Relationship between the risk score, the expression of the two selected m5C-related regulators, and clinicopathological characteristics in COAD
The expression of NSUN6 and ALYREF and the distribution of clinicopathological characteristics in the high-risk and low-risk groups are displayed as a heatmap (Figure 8A). Evident differences between the two groups according to stage T (P < 0.05) and fustat (P < 0.01) were observed.
To examine whether the risk score was an independent prognostic factor, univariate and multivariate Cox regression analyses were conducted. This revealed that the risk score was significantly associated with OS in univariate analysis, in addition to age at diagnosis, pathological stage, and TNM stage (P < 0.05). However, only the age at diagnosis and risk score were correlated with OS (P < 0.05) in the multivariate Cox regression analysis (Figure 8B,C).
Biological functional analysis of differentially expressed genes between different subgroups and m5C-related regulatory gene
As we clustered the patients with COAD into cluster Ⅰ and cluster Ⅱ, genes that were significantly upregulated (fold change > 1 and p < 0.05) or downregulated (fold change < 1 and p < 0.05) between the high-risk group and low-risk group were identified using the “edgeR” package in R. GO and KEGG pathway analysis were used for biological functional analysis.
With regard to GO analysis, the differentially expressed genes were associated with immune-related biological processes, such as “antigen binding” and “immunoglobulin receptor binding,” and pre-mRNA-related biological processes, such as “pre-mRNA 5'-splice site binding” and “pre-mRNA binding.”(Figure 9A). KEGG pathway analysis results were correlated with immune-related pathways, including “complement and coagulation cascades” and “NOD-like receptor signaling pathway,” and RNA-related pathways, including “RNA transport” and “spliceosome.” Moreover, cancer-related pathways were enriched, such as “transcriptional misregulation in cancer” and “MAPK signaling pathway” (Figure 9B).
Next, we used GSEA to predict the functional difference between clusters I and II. The results showed that cluster I had a worse OS and lower 5-year survival rate associated with malignancy-associated pathways, including the ATP-binding cassette transporter (NES = 1.79, normalized P = 0.006) and phosphatidylinositol signaling system (NES = 1.63, normalized P = 0.03) (Figure 9C,D).

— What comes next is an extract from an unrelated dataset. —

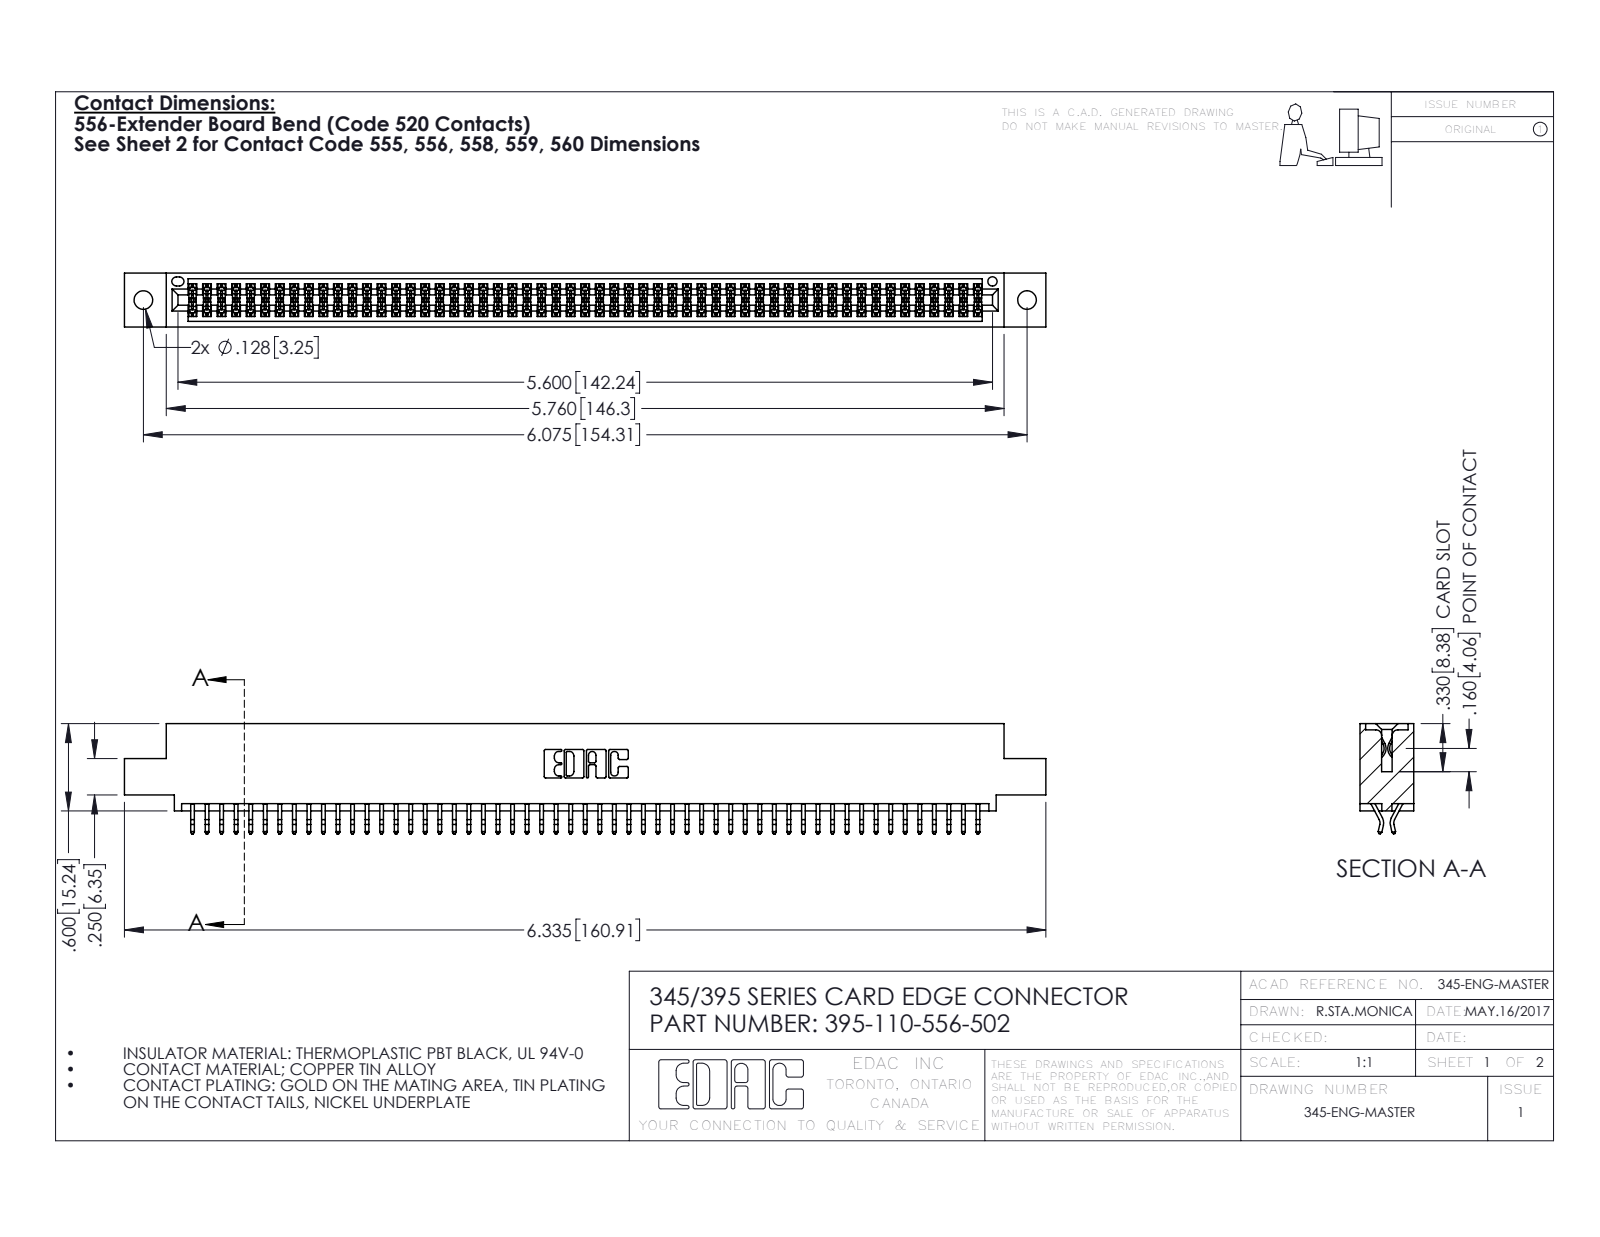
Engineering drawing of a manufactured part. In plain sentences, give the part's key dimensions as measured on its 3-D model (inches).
The part is named "345-292-001_556 Tail; 395-110-556-502; 345 Part_0.110 Offset - 0.128 Dia". Its 3-D file was written by "SolidWorks 2016 (CONFIG_CONTROL_DESIGN)". It is 111 solids with 6290 faces: 4154 planar, 2136 cylindrical and 0 other. Overall it measures 6.335 by 0.757 by 0.37 inches. Its volume is 0.954 cubic inches and its surface area 35.79 square inches. Round holes: 2 of diameter 0.128, 1 of diameter 0.064. Partial cylindrical surfaces (rounded edges, fillets, slot ends): 165 of radius 0.006, 22 of radius 0.01, 6 of radius 0.007, 6 of radius 0.031, 3 of radius 0.026, 2 of radius 0.01, 2 of radius 0.014, 2 of radius 0.019. The main face-to-face distances are 0.298, 0.072, 0.37, 0.2, 0.025, 0.098, 0.272, 0.225, 0.175, 0.149. The hole center spacings are 0.27, 5.839, 6.075.

Furthermore, as NSUN6 and ALYREF were shown to be important regulators of m5C in our study, GSEA was performed to investigate the potential biological processes associated with NSUN6 and ALYREF in COAD pathogenesis. GSEA suggested that increased expression of NSUN6 and ALYREF is involved in various biological functions in RNA processing, such as spliceosome, RNA polymerase, and RNA degradation. Upregulation of these genes was associated with malignancy-associated pathways, such as the cell cycle (Figure 9E,F).